Another commonly reported measure of effect size is r.  This r is interpreted in the same way that Pearson’s r is interpreted.  It is a correlation, and r2 can be interpreted as the proportion of variance that the two variables share.  As we will demonstrate below, you can compute this term given data that violate the assumptions of Pearson’s r if you have already done a t-test.

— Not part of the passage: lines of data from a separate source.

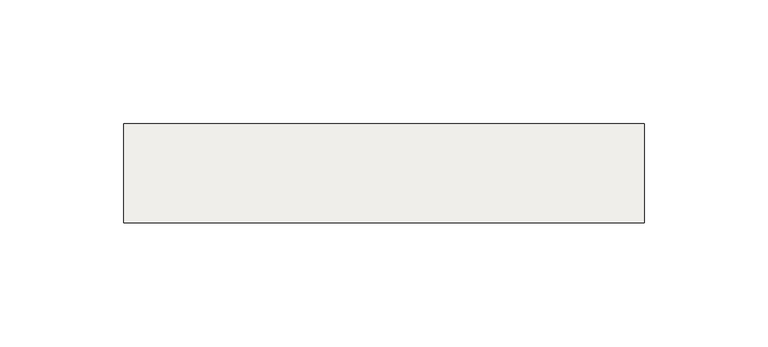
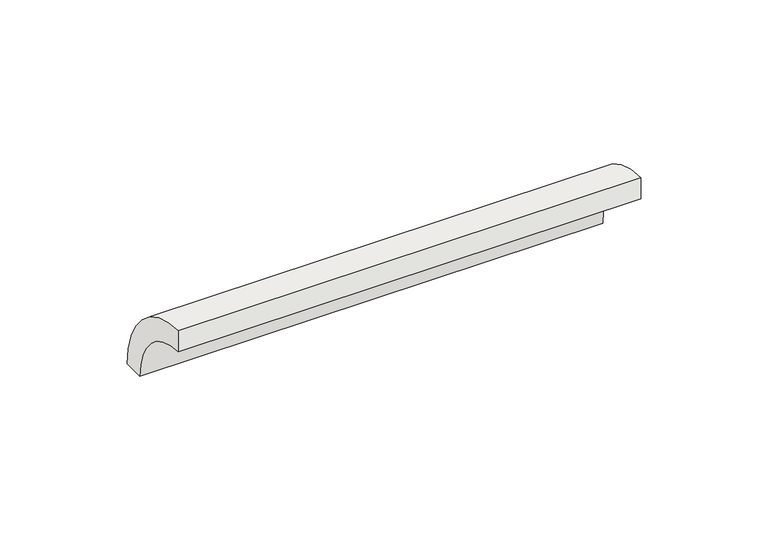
"""IFC4 building model written with IfcOpenShell, lengths in millimetres: slab geometry, ROSA GRES_183 : Pieza 183_Tresor_Java_Anti-Slip."""

from ifc_helpers import new_model, si_unit, point, frame, frame_2d, origin, origin_2d, place, context, project, spatial, polyline, circle_curve, trimmed, segment, composite_curve, outline, extrude, source, transform, mapped, element, save


def slab_cf50c713(model_context):
    return source(origin(), model_context, "Body", "SweptSolid", [
        extrude(outline(composite_curve([segment(trimmed(circle_curve(origin_2d(), 40.0), [point((0.0, 40.0))], [point((40.0, 0.0))], False, "CARTESIAN"), True, "CONTINUOUS"), segment(polyline([(40.0, 0.0), (30.0265886, 0.0)]), True, "CONTINUOUS"), segment(trimmed(circle_curve(frame_2d((0.0044453, 0.0044453)), 30.0221435), [point((30.0265886, 0.0))], [point((0.0, 30.0265886))], True, "CARTESIAN"), True, "CONTINUOUS"), segment(polyline([(0.0, 30.0265886), (0.0, 40.0)]), True, "CONTINUOUS")], self_intersect=False)), frame((0.0, 0.0, 0.0), z_axis=(1.0, 0.0, 0.0), x_axis=(0.0, 1.0, 0.0)), (0.0, 0.0, 1.0), 210.0000003),
    ])


if __name__ == "__main__":
    model = new_model("IFC4")
    model_context = context("Model", 3, world=origin())
    ifc_project = project(units=[si_unit("LENGTHUNIT", "METRE", prefix="MILLI")], contexts=[model_context])
    site = spatial("IfcSite", under=ifc_project)
    building = spatial("IfcBuilding", under=site)
    placement = place(None, origin())
    slab_shape = slab_cf50c713(model_context)
    element("IfcSlab", 1, ObjectType="ROSA GRES_183 : Pieza 183_Tresor_Java_Anti-Slip", at=placement, inside=building, context=model_context, shape_type="MappedRepresentation", body=[
        mapped(slab_shape, transform((0.0, 0.0, 0.0), x_axis=(1.0, 0.0, 0.0), y_axis=(0.0, 1.0, 0.0), z_axis=(0.0, 0.0, 1.0))),
    ])
    save(model, "model.ifc")
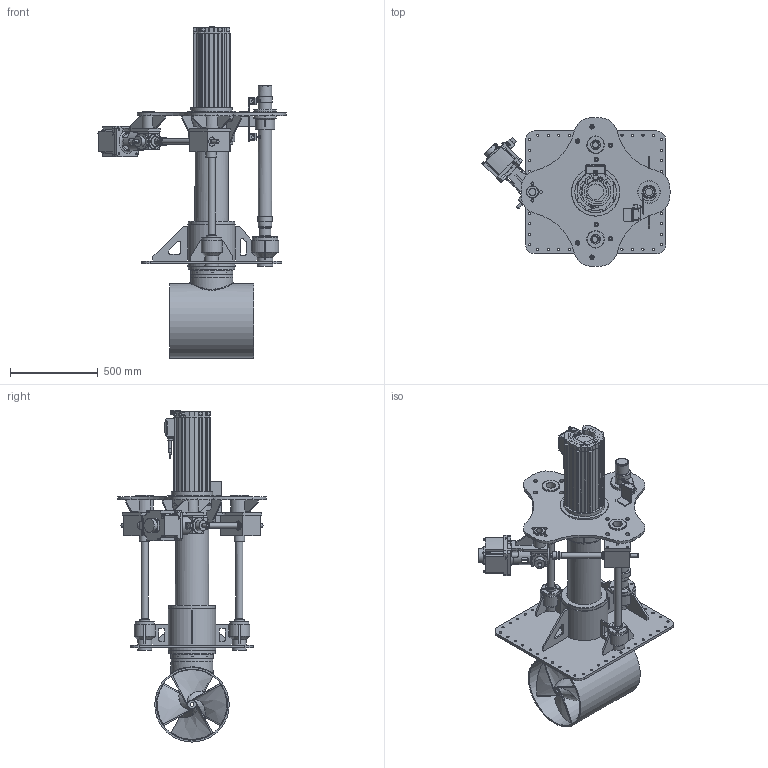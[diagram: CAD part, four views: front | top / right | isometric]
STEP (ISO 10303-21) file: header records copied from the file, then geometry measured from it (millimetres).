
FILE_DESCRIPTION(/* description */ (''),/* implementation_level */ '2;1');
FILE_NAME(/* name */ 'Q:\THRUSTERS\THRUSTER SALES & SUPPORT DOCS\THRUSTER Sales\E-V\E-0400-V\E-0400-V-RETRACTED.stp',/* time_stamp */ '2021-03-03T09:35:14+00:00',/* author */ ('Barney.Webborn'),/* organization */ (''),/* preprocessor_version */ 'ST-DEVELOPER v17.2',/* originating_system */ 'Autodesk Inventor 2019',/* authorisation */ '');
FILE_SCHEMA (('AUTOMOTIVE_DESIGN { 1 0 10303 214 3 1 1 }'));
Length unit declared in the file: millimetre
Products named in the file (1): E-0400-V_Shrinkwrap_1
Bounding box: 1073.69 x 849.72 x 1895.67 mm (x, y, z)
Volume: 74555351.4 mm3; surface area: 9049776.6 mm2
Topology: 13 solids, 21 shells, 2724 faces, 7352 edges, 4881 vertices
Faces by surface type: plane 1413, cylinder 955, cone 190, bspline 84, torus 74, sphere 8
Full cylindrical faces by diameter (mm): 1.143 x17, 3 x4, 5.5 x4, 5.6 x4, 5.9 x8, 6 x4, 7 x8, 7.2 x2, 7.6 x8, 8 x9, 8.5 x4, 9.2 x4, 9.398 x3, 11.938 x3, 12 x1, 12.066 x3, 12.4 x18, 12.5 x8, 13 x82, 13.5 x4, 14.097 x3, 14.098 x3, 14.95 x2, 14.986 x3, 15.25 x2, 15.3 x1, 15.4 x8, 16 x11, 16.51 x3, 17 x2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
Entity records: 95330 total; most frequent: CARTESIAN_POINT 21715, DIRECTION 14871, ORIENTED_EDGE 14630, EDGE_CURVE 7315, AXIS2_PLACEMENT_3D 5475, VERTEX_POINT 4881, LINE 3921, VECTOR 3921
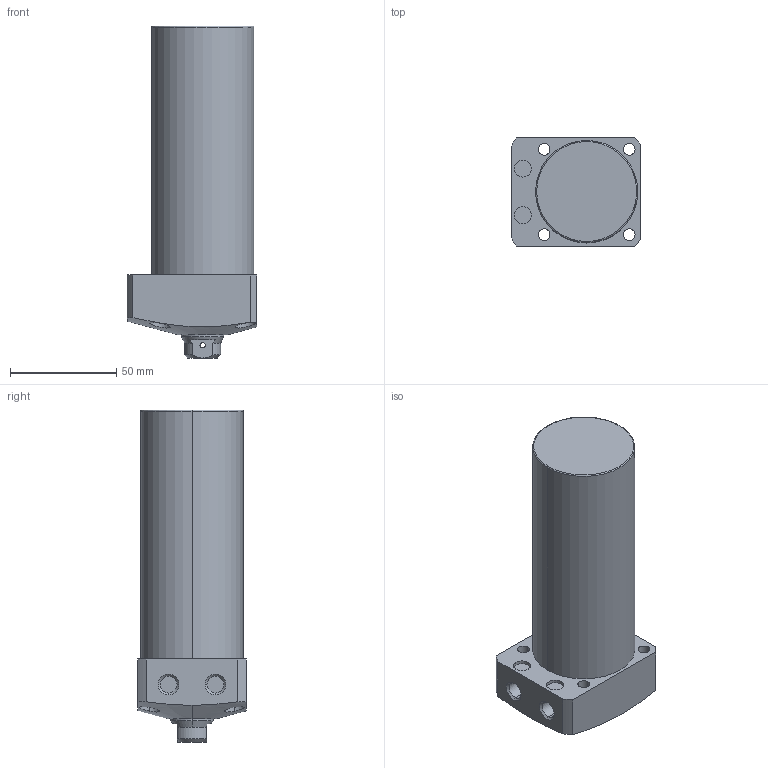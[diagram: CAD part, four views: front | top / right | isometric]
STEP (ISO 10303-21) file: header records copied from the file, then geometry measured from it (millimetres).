
FILE_DESCRIPTION (( 'STEP AP203' ), '1' );
FILE_NAME ('CLL048-CB-090.STEP', '2017-05-17T10:51:33', ( '' ), ( '' ), 'SwSTEP 2.0', 'SolidWorks 2015', '' );
FILE_SCHEMA (( 'CONFIG_CONTROL_DESIGN' ));
Length unit declared in the file: millimetre
Products named in the file (1): CLL048-CB-090
Bounding box: 61 x 51 x 156 mm (x, y, z)
Volume: 285882.6 mm3; surface area: 32458.2 mm2
Topology: 1 solids, 1 shells, 78 faces, 182 edges, 115 vertices
Faces by surface type: cylinder 39, plane 22, cone 15, torus 2
Entity records: 2751 total; most frequent: CARTESIAN_POINT 852, DIRECTION 394, ORIENTED_EDGE 360, EDGE_CURVE 180, AXIS2_PLACEMENT_3D 163, VERTEX_POINT 115, EDGE_LOOP 101, CIRCLE 84
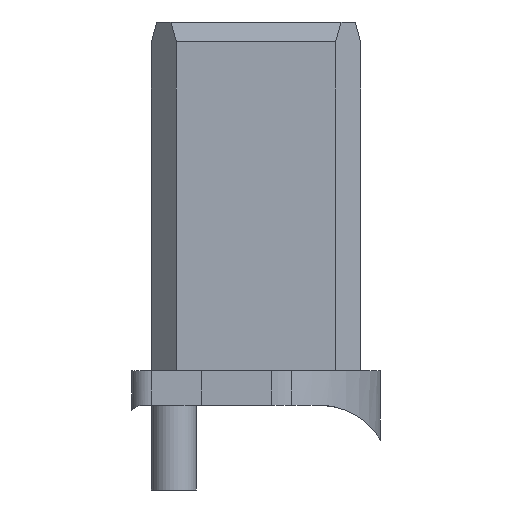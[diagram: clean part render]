
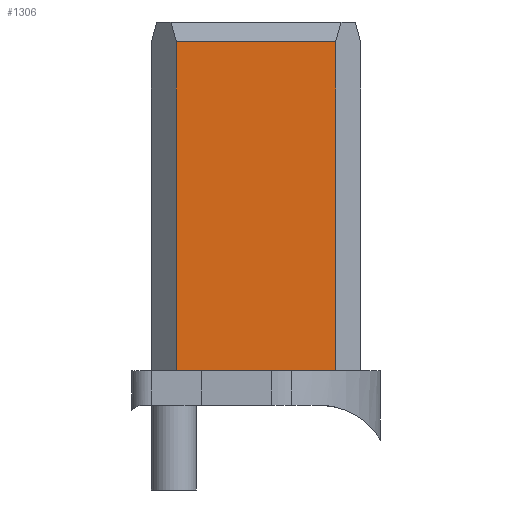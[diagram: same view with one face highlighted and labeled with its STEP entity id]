
A CAD part, left-side view. The second image highlights one B-rep face of the part: STEP entity #1306.
In plain terms, the highlighted planar face has unit normal (-1, 0, 0).
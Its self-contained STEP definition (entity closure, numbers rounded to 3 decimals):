
#31 = EDGE_CURVE ( 'NONE', #630, #1936, #1648, .T. ) ;
#57 = CARTESIAN_POINT ( 'NONE',  ( -10.5, 10.5, 0. ) ) ;
#60 = PLANE ( 'NONE',  #1269 ) ;
#202 = CARTESIAN_POINT ( 'NONE',  ( -10.5, 8., 33. ) ) ;
#228 = DIRECTION ( 'NONE',  ( 1., 0., 0. ) ) ;
#280 = VECTOR ( 'NONE', #1614, 1000. ) ;
#334 = ORIENTED_EDGE ( 'NONE', *, *, #943, .T. ) ;
#378 = LINE ( 'NONE', #407, #1757 ) ;
#407 = CARTESIAN_POINT ( 'NONE',  ( -10.5, 8., 35. ) ) ;
#427 = EDGE_CURVE ( 'NONE', #1936, #445, #1412, .T. ) ;
#442 = CARTESIAN_POINT ( 'NONE',  ( -10.5, -8., 35. ) ) ;
#445 = VERTEX_POINT ( 'NONE', #1260 ) ;
#467 = VECTOR ( 'NONE', #1571, 1000. ) ;
#513 = CARTESIAN_POINT ( 'NONE',  ( -10.5, 10.5, 35. ) ) ;
#579 = CARTESIAN_POINT ( 'NONE',  ( -10.5, 8., 0. ) ) ;
#630 = VERTEX_POINT ( 'NONE', #1498 ) ;
#689 = DIRECTION ( 'NONE',  ( 0., 0., -1. ) ) ;
#690 = EDGE_LOOP ( 'NONE', ( #1645, #1181, #334, #1329 ) ) ;
#943 = EDGE_CURVE ( 'NONE', #445, #1124, #378, .T. ) ;
#1124 = VERTEX_POINT ( 'NONE', #579 ) ;
#1127 = LINE ( 'NONE', #57, #280 ) ;
#1181 = ORIENTED_EDGE ( 'NONE', *, *, #427, .T. ) ;
#1242 = CARTESIAN_POINT ( 'NONE',  ( -10.5, -8., 33. ) ) ;
#1260 = CARTESIAN_POINT ( 'NONE',  ( -10.5, 8., 33. ) ) ;
#1269 = AXIS2_PLACEMENT_3D ( 'NONE', #513, #228, #1577 ) ;
#1306 = ADVANCED_FACE ( 'NONE', ( #1895 ), #60, .F. ) ;
#1329 = ORIENTED_EDGE ( 'NONE', *, *, #1702, .T. ) ;
#1412 = LINE ( 'NONE', #202, #467 ) ;
#1455 = VECTOR ( 'NONE', #1494, 1000. ) ;
#1494 = DIRECTION ( 'NONE',  ( 0., 0., 1. ) ) ;
#1498 = CARTESIAN_POINT ( 'NONE',  ( -10.5, -8., 0. ) ) ;
#1571 = DIRECTION ( 'NONE',  ( 0., 1., 0. ) ) ;
#1577 = DIRECTION ( 'NONE',  ( 0., 1., 0. ) ) ;
#1614 = DIRECTION ( 'NONE',  ( 0., -1., 0. ) ) ;
#1645 = ORIENTED_EDGE ( 'NONE', *, *, #31, .T. ) ;
#1648 = LINE ( 'NONE', #442, #1455 ) ;
#1702 = EDGE_CURVE ( 'NONE', #1124, #630, #1127, .T. ) ;
#1757 = VECTOR ( 'NONE', #689, 1000. ) ;
#1895 = FACE_OUTER_BOUND ( 'NONE', #690, .T. ) ;
#1936 = VERTEX_POINT ( 'NONE', #1242 ) ;

It is important to understand that effect size and statistical significance are largely unrelated concepts.  When a social scientist conducts an experiment, is hypothesized that the treatment will have an effect.  Statistical significance just says that there is a specified percent chance (100% – Alpha) that the effect exists.  That is, the observed differences between the means of the groups are very unlikely to be caused by random chance in the assignment process.  The logic of hypothesis testing dictates that if chance is not to blame, then it must be the treatment causing the observed differences.  This gives the researcher strong support that the treatment worked.  Statistical significance is silent on the issue of how well or to what degree the treatment worked (although more “powerful” effects lend power to null hypothesis significance tests).  In contrast, that is exactly what a measure of effect size like Cohen’s d does.  It tells us how big the effect is.  It does this in terms of the sample standard deviations.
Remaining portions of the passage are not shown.